INFORMATION SHOWN —
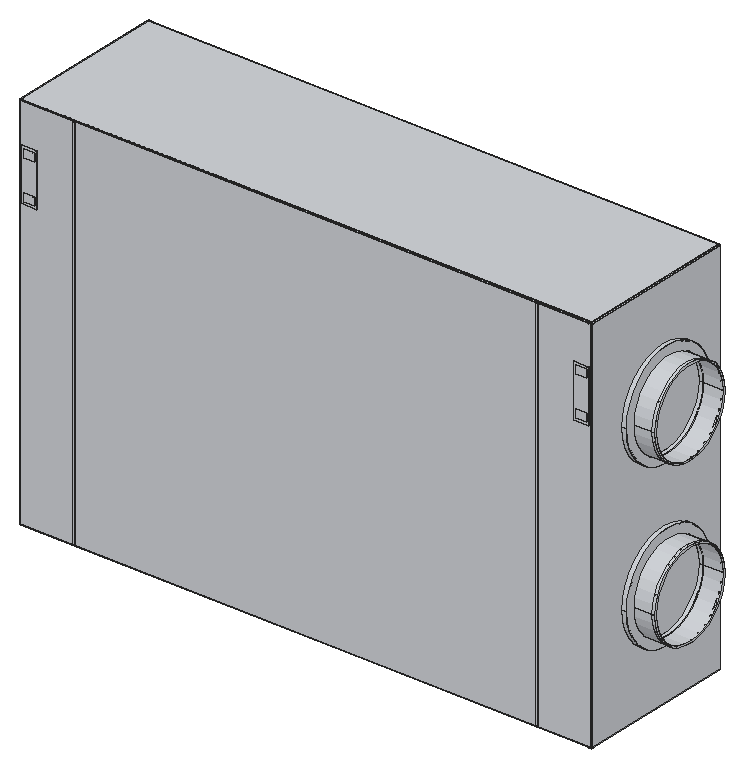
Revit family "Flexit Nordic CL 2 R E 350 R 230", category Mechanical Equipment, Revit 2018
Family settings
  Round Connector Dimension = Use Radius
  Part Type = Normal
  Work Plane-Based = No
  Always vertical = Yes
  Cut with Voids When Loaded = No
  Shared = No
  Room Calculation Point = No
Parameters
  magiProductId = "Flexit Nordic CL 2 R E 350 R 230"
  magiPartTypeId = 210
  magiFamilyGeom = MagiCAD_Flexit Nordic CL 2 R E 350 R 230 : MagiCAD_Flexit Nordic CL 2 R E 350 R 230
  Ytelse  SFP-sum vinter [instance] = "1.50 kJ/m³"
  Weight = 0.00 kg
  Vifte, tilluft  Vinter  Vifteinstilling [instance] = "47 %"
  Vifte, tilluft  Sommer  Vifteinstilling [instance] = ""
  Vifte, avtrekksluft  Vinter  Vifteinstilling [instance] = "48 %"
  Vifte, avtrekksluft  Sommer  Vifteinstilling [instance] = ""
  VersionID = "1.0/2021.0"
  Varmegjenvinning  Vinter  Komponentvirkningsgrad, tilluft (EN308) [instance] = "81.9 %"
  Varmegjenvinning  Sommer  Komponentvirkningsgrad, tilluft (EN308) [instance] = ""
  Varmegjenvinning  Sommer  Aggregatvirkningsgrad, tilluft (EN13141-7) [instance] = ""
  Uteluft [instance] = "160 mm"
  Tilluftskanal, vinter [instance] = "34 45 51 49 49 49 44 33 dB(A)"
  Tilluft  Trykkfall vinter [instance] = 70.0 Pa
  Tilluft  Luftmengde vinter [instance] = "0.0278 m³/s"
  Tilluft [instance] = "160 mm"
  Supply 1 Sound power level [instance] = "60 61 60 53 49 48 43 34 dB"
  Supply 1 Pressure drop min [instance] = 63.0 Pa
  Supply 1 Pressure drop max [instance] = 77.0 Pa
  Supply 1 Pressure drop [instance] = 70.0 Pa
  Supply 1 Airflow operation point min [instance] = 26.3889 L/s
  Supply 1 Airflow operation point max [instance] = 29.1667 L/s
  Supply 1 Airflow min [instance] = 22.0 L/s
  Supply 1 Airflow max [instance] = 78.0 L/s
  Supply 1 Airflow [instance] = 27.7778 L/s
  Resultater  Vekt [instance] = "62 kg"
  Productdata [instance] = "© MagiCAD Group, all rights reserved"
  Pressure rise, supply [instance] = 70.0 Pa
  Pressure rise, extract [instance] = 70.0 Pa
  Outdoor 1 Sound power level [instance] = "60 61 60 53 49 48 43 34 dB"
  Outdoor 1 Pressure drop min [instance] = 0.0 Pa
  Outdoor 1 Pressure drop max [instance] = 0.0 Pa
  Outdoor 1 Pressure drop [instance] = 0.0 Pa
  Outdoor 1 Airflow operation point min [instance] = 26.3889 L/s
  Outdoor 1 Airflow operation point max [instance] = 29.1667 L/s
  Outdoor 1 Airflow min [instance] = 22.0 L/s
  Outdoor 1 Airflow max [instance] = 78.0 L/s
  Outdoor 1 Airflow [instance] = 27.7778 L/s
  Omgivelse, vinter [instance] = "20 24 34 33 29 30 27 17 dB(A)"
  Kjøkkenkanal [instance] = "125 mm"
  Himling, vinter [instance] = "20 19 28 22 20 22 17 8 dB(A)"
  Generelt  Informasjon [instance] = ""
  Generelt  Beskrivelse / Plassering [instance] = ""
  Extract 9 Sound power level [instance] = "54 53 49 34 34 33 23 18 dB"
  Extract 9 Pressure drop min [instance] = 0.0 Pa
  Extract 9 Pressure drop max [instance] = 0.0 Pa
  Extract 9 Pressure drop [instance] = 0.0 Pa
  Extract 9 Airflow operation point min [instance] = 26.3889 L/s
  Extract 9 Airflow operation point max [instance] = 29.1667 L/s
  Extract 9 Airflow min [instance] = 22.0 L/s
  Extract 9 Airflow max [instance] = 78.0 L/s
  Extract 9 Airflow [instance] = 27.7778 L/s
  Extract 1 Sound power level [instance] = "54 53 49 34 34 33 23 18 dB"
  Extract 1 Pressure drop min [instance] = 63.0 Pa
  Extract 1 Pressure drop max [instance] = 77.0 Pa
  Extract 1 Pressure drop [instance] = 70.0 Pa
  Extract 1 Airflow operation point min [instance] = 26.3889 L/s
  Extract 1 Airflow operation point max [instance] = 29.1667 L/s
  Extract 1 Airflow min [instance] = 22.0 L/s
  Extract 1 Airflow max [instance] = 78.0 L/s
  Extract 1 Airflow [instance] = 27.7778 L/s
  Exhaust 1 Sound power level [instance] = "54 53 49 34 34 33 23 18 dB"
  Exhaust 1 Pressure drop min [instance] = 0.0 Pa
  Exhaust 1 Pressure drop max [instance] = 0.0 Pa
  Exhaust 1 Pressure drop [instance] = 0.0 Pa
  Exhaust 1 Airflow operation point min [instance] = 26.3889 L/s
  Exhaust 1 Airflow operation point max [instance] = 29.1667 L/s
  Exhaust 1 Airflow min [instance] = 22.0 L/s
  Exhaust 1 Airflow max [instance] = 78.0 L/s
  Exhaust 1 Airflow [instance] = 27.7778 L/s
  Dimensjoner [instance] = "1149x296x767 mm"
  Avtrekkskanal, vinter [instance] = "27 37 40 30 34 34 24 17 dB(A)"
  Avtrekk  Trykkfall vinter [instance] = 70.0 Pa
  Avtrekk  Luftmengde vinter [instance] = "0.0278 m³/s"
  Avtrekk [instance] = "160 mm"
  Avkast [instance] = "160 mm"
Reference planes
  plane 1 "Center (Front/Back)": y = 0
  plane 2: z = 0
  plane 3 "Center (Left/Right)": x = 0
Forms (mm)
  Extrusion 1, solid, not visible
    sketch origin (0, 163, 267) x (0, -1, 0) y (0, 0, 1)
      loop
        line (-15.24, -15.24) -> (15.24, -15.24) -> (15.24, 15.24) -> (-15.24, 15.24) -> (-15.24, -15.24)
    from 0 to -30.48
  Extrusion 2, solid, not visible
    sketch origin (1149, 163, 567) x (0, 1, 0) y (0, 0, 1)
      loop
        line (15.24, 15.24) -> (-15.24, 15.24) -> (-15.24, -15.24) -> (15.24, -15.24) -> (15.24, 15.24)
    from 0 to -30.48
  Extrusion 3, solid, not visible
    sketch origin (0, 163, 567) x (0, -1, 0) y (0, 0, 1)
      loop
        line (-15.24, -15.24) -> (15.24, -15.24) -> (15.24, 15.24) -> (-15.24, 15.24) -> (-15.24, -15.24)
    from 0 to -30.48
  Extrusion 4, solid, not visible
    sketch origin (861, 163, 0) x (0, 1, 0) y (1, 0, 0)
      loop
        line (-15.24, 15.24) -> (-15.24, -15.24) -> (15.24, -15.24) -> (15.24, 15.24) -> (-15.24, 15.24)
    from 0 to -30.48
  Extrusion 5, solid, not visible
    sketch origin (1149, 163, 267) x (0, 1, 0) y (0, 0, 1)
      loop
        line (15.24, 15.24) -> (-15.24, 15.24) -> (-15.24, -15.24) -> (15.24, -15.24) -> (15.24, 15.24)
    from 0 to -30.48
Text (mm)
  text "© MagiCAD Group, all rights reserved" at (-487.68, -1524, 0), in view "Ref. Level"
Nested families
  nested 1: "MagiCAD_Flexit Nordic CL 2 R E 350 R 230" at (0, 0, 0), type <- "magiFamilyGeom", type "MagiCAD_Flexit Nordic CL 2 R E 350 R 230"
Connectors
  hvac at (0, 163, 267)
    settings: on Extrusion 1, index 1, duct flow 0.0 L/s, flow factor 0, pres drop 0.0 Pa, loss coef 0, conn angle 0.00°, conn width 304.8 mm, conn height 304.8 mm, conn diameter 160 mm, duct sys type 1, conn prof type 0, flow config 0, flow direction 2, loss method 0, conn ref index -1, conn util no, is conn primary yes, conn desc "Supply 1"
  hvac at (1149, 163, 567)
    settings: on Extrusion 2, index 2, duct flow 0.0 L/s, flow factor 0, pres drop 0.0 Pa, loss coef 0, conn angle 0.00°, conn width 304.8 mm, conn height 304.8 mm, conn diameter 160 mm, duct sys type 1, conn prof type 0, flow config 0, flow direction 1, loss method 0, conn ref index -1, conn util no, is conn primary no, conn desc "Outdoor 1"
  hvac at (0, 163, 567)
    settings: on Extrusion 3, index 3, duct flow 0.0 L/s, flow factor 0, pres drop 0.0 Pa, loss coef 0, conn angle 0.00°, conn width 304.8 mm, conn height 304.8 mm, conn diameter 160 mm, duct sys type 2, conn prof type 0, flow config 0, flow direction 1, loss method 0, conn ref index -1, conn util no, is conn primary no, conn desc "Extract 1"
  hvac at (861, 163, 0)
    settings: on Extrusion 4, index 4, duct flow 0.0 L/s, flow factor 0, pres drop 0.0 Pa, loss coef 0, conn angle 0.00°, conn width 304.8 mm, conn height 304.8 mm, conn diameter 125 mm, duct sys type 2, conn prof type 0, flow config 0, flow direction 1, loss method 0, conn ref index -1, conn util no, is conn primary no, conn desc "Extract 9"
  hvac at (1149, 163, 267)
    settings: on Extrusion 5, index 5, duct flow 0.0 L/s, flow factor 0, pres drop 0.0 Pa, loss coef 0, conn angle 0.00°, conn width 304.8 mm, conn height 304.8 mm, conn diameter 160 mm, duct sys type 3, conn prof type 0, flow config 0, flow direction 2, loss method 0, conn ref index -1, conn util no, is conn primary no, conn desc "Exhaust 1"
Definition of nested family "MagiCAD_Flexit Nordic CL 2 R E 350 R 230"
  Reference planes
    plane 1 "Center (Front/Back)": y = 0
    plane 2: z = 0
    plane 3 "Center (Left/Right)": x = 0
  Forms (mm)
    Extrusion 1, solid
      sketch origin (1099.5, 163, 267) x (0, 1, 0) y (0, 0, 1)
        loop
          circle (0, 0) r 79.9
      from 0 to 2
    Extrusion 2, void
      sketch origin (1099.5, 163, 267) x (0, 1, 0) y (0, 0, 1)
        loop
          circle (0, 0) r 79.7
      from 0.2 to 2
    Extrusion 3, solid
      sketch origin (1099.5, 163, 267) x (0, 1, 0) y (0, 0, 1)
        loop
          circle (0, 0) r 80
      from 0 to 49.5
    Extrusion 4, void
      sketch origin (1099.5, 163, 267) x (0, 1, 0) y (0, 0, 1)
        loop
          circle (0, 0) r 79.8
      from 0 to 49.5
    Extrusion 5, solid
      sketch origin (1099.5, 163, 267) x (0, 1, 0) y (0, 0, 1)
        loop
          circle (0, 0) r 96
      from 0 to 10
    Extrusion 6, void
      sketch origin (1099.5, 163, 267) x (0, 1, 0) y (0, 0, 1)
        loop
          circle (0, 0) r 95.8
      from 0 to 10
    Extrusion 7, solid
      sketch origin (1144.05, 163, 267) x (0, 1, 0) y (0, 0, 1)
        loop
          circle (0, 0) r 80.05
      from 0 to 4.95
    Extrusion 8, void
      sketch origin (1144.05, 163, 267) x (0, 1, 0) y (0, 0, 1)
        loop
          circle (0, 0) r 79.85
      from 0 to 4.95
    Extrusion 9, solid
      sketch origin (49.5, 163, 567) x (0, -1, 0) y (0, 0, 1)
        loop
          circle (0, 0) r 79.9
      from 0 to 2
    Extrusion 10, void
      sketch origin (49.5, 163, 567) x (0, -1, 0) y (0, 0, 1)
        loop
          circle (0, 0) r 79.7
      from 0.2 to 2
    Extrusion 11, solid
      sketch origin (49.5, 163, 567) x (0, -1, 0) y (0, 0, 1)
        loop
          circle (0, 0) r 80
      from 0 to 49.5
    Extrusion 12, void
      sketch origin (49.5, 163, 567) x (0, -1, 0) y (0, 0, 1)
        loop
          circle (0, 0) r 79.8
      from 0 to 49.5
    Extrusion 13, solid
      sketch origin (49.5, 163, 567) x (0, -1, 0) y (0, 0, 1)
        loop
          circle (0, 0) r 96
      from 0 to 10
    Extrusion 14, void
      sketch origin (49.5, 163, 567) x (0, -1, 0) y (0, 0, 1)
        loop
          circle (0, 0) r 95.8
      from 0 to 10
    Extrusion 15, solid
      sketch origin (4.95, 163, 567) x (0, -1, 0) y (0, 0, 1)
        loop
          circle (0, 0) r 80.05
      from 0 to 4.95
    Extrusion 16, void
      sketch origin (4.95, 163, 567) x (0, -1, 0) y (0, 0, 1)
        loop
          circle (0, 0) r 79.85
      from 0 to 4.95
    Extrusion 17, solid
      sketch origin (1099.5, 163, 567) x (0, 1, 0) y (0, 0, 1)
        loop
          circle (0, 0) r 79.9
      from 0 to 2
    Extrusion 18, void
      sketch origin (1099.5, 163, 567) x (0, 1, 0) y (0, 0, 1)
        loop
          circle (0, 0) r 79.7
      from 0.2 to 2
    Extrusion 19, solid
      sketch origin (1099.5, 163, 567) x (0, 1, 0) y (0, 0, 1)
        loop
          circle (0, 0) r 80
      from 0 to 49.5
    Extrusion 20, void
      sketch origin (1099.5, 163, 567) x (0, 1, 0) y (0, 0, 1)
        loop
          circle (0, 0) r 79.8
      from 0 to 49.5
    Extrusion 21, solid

WORK TASK — Looking at the material above, say how many of its lines hold the word "Trykkfall", giving only the number.

SOLUTION BELOW — 2